==== TASK INPUT ====
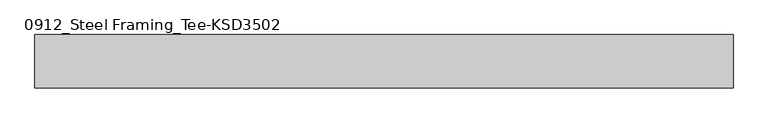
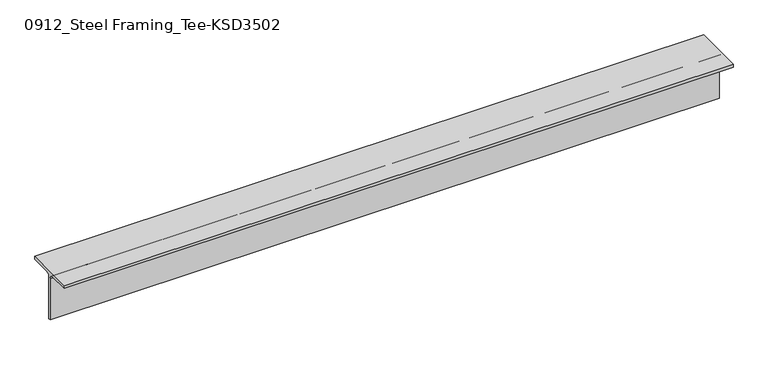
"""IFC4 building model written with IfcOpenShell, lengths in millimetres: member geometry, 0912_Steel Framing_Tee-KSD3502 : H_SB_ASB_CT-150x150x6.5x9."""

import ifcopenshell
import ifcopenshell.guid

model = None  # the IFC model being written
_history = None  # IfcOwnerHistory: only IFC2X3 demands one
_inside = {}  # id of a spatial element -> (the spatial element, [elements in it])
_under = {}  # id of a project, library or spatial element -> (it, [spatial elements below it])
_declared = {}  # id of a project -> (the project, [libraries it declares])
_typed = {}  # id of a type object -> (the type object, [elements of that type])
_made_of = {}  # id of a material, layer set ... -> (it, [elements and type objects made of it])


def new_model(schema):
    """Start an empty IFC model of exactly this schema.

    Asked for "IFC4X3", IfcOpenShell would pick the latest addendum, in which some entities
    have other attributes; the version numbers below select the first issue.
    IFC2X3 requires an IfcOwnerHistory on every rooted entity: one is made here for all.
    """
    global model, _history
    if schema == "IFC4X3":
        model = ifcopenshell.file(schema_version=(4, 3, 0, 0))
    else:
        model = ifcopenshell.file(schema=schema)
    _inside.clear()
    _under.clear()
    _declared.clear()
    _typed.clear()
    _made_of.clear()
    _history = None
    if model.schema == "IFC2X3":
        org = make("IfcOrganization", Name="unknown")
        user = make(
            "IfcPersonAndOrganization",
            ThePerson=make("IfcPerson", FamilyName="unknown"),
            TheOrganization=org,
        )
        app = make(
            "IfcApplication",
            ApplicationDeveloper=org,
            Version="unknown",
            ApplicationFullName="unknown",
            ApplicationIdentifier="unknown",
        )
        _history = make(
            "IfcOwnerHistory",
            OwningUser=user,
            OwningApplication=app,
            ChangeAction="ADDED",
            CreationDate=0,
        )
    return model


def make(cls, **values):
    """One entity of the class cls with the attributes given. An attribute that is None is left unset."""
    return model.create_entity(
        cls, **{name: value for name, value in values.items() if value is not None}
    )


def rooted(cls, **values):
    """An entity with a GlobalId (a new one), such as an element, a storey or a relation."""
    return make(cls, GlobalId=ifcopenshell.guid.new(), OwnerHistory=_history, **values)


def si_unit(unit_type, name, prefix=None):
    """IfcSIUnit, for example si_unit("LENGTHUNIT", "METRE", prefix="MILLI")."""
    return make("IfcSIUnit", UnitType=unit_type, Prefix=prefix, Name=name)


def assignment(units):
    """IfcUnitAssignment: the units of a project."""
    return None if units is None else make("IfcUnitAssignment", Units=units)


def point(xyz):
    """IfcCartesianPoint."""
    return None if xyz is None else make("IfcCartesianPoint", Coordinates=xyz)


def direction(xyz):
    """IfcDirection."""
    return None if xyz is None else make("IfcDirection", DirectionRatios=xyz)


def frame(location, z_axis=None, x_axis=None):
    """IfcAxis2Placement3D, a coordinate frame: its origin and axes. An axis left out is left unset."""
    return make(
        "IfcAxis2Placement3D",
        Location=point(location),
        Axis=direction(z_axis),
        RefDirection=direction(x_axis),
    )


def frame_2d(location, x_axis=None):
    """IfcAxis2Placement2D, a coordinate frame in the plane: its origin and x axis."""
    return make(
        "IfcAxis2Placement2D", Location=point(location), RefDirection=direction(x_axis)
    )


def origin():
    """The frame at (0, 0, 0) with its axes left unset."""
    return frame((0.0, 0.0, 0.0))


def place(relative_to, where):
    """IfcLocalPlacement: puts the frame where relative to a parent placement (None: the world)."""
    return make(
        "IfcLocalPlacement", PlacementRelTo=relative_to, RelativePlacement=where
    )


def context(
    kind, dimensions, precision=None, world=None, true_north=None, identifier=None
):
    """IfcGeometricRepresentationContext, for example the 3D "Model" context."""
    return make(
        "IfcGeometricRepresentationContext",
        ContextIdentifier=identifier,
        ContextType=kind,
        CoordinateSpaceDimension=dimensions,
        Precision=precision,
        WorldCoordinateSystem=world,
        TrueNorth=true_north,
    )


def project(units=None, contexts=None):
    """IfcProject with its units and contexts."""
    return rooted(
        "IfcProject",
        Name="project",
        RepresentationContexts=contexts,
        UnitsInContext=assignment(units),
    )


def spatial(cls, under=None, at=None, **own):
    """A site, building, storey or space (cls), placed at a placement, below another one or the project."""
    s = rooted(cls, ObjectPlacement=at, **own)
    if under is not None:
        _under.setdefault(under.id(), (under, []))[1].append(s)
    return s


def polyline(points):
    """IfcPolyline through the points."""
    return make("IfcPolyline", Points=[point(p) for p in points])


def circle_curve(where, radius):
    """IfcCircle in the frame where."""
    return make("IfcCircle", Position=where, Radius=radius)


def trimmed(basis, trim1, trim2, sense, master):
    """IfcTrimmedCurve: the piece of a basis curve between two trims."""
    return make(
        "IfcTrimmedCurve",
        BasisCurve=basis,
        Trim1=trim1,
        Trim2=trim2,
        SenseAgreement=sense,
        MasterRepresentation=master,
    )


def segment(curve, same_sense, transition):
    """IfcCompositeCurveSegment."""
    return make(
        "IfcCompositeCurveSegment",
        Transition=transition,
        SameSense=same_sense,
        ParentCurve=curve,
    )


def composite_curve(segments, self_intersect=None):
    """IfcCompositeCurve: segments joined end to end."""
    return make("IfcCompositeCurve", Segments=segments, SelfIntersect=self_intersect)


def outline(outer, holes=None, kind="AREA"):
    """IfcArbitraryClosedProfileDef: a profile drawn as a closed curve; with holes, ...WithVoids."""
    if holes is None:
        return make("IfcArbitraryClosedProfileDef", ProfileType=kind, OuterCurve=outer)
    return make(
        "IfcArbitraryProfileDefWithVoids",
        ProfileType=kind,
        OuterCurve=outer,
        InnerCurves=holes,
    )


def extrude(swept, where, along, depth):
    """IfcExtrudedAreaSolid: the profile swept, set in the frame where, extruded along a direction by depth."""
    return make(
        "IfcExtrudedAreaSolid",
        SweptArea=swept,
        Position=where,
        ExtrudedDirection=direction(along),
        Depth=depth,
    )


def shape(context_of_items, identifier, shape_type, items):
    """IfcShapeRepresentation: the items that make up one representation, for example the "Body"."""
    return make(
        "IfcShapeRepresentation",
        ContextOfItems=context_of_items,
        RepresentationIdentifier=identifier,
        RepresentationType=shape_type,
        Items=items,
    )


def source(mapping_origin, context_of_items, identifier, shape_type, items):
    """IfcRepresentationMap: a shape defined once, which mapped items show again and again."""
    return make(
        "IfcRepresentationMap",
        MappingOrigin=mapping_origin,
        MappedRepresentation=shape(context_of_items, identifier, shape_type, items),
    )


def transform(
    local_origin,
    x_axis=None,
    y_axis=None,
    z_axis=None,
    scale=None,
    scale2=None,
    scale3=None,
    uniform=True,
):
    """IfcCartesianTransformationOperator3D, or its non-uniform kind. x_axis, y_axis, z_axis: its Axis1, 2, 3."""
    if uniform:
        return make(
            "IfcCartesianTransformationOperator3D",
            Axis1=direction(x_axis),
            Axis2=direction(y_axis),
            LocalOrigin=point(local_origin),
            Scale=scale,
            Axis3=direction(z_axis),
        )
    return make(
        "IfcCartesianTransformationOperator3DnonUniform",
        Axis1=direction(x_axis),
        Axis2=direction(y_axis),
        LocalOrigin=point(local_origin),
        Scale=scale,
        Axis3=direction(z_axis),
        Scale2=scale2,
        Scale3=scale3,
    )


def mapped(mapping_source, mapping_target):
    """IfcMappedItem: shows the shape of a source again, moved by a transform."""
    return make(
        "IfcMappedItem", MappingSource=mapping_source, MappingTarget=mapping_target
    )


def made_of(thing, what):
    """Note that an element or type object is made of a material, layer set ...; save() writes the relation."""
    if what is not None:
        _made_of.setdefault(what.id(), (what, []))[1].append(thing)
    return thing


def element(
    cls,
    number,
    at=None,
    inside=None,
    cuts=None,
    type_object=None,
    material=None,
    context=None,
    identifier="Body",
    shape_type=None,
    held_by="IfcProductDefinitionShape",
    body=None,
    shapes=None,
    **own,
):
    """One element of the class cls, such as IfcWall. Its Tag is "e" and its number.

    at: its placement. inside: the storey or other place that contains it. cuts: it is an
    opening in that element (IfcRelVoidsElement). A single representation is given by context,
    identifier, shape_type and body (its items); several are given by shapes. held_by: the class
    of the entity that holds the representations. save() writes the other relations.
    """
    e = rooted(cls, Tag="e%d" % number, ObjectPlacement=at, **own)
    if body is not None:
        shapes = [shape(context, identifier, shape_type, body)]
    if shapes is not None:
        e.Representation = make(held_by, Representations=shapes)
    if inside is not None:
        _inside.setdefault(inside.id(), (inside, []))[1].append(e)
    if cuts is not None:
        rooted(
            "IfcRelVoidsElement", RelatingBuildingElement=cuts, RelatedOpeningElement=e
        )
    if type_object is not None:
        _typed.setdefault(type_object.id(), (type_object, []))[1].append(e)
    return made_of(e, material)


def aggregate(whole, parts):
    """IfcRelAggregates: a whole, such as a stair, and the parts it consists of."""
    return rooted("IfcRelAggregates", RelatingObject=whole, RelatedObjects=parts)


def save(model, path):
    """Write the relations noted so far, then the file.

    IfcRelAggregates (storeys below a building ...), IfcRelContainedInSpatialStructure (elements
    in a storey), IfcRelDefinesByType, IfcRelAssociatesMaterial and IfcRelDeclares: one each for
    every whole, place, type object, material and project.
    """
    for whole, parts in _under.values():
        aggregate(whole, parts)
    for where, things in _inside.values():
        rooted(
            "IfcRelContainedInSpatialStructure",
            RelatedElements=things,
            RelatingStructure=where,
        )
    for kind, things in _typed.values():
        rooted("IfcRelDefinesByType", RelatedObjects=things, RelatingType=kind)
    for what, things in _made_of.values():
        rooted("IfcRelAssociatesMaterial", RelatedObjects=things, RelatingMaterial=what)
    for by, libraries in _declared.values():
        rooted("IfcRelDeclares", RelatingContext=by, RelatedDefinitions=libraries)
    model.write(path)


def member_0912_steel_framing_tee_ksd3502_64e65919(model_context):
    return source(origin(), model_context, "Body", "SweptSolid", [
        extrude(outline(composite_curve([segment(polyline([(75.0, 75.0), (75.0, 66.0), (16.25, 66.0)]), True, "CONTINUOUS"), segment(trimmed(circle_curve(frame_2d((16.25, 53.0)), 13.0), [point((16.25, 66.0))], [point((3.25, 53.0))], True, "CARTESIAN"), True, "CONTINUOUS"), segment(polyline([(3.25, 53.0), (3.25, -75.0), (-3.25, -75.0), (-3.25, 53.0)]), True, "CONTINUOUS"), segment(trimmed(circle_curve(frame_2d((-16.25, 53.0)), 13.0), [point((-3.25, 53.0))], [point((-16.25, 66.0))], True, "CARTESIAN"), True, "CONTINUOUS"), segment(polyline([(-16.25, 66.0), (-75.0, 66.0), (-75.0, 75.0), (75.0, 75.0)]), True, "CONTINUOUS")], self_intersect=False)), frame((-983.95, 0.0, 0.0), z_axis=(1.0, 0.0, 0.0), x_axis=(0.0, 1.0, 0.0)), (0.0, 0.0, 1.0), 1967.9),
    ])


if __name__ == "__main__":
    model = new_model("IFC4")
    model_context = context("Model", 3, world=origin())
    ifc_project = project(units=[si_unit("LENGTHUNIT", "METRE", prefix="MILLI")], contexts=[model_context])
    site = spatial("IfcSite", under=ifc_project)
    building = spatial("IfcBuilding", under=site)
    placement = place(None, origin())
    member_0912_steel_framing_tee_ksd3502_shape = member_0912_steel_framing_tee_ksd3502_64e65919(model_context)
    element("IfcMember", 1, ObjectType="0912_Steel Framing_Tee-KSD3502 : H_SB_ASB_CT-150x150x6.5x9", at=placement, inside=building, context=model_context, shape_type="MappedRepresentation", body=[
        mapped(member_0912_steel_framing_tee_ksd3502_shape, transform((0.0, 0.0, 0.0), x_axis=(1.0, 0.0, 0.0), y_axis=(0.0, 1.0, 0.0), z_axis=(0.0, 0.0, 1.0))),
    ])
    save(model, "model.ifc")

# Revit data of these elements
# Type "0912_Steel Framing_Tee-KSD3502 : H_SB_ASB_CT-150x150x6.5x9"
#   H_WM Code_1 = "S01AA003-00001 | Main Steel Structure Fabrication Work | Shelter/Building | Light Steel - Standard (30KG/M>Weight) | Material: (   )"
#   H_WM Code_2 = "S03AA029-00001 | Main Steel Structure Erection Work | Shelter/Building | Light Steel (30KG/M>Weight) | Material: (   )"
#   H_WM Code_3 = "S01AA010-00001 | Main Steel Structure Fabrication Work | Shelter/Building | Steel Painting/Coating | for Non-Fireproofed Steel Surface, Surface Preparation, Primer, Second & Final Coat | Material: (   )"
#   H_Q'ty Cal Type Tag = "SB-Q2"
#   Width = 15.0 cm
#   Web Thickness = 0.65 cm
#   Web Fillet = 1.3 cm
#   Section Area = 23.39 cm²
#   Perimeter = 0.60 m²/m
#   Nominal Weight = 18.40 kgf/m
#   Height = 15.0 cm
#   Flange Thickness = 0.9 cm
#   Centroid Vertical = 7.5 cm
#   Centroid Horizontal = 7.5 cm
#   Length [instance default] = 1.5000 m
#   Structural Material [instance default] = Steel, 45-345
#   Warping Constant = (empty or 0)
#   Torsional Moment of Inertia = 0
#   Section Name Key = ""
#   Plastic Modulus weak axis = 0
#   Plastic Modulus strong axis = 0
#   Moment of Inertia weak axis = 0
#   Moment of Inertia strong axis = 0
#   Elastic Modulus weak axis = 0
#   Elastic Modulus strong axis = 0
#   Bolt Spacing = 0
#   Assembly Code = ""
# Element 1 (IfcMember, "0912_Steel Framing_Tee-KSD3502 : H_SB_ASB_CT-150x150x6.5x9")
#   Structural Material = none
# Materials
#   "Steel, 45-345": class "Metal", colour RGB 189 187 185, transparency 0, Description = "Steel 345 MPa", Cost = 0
====
ACTION ITEM >> Provide the number of lines in the entries that include "append", and no other text.

TASK SOLUTION >> 4